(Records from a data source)
● ● ● ● ● ● ●

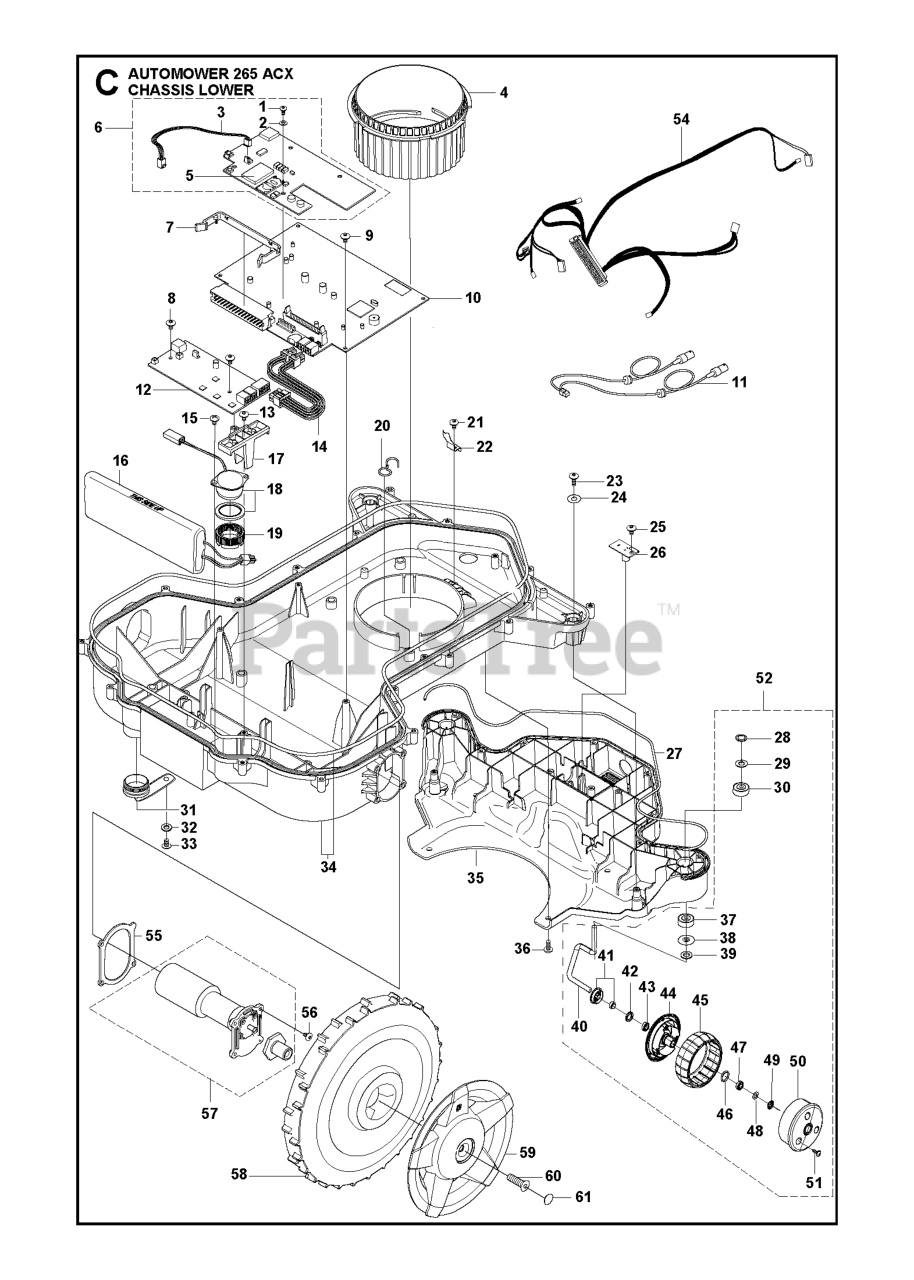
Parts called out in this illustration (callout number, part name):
1	SCREW GSM- MODULE
2	WASHER GSM- MODULE
3	LOOM LOOM GPS TRACKING MODULE
4	CUTTING HEIGHT NUT
5	BATTERY GPS TRACKING COMMUNICA
7	CLIP MAIN CONNECTOR
7	CLIP MAIN CONNECTOR 50PCS
8	SCREW 12MM
9	SCREW SILVER 10MM
13	SCREW 14MM
19	NUT BUZZER
22	LOCKING SPRING
23	SCREW 14MM
25	SCREW SILVER 10MM
28	LOCK WASHER PUSH-ON TYPE P 8 S
29	WASHER 16 OD X 6.5 ID X 1MM
29	WASHER DIN 988 13X8X0.5
31	PLUG SERVICE PLUG
33	SCREW 14MM
36	SCREW 14MM
37	BALL BEARING SINGLE ROW S688
38	WASHER FRONT WHEEL CENTER HOLE
39	WASHER DIN 988 13X8X0.5
41	SHIELD KIT
42	SEALING 12X18X3
43	BALL BEARING SINGLE ROW S688
44	WHEEL FRONT WHEEL INSIDE
45	WHEEL RUBBER TYRE
46	O-RING 2,62X15,54
47	BALL BEARING SINGLE ROW S688
48	WASHER DIN 988 13X8X0.5
49	LOCK WASHER PUSH-ON TYPE P 8 S
50	WHEEL FRONT WHEEL OUTSIDE
51	SCREW 14MM
56	SCREW
57	DRIVE MOTOR
58	REAR WHEEL ASSY 230
60	SCREW
61	COVER WASHER
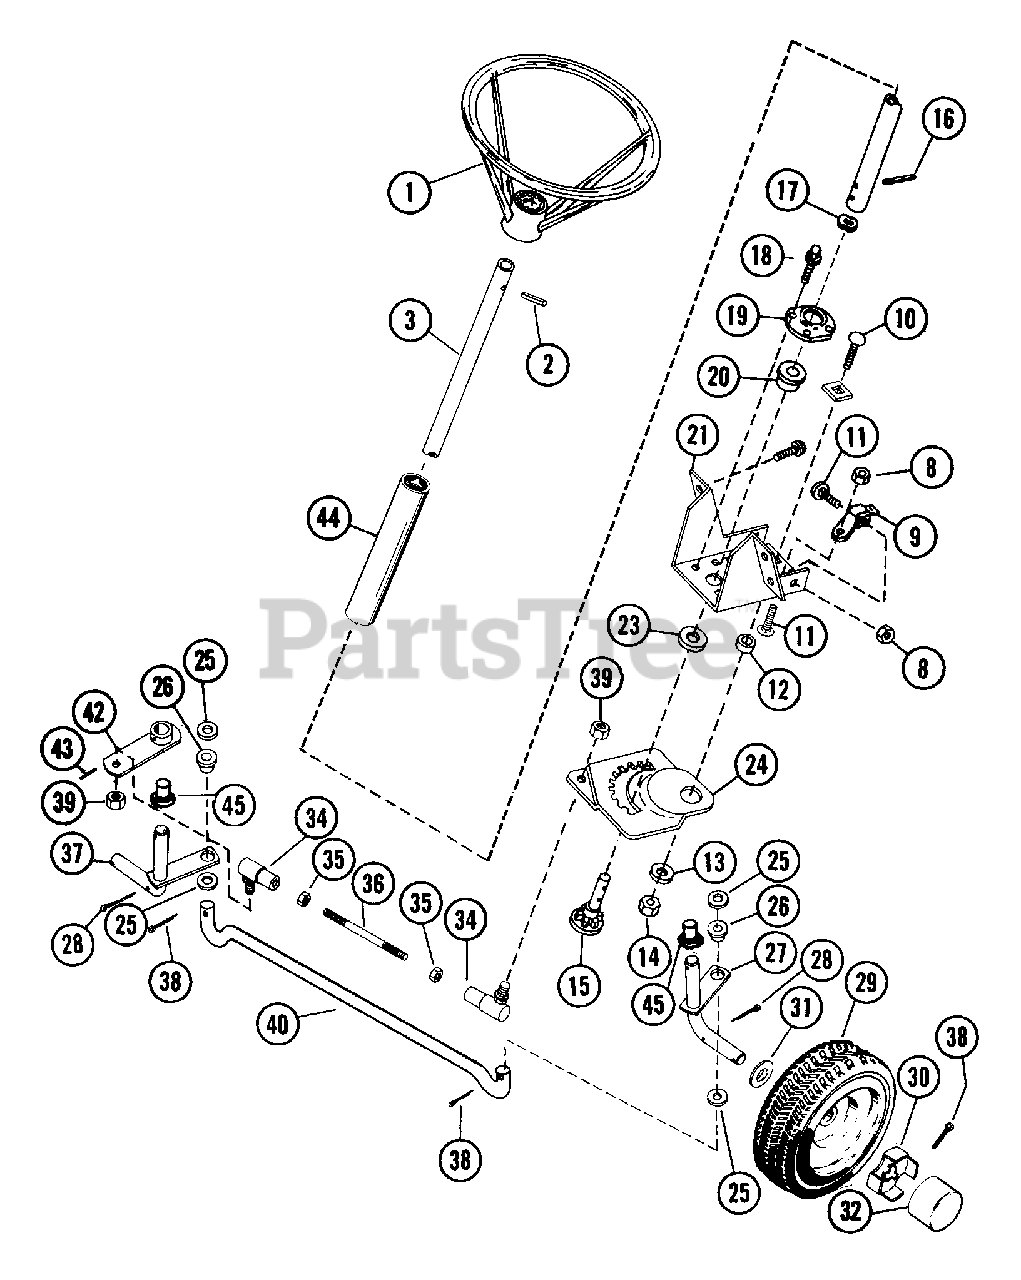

● ● ● ● ● ● ●

• _Exercise_
Find the word "CONNECTOR" in the data and show each line that holds it.

• _Written solution_
7	CLIP MAIN CONNECTOR
7	CLIP MAIN CONNECTOR 50PCS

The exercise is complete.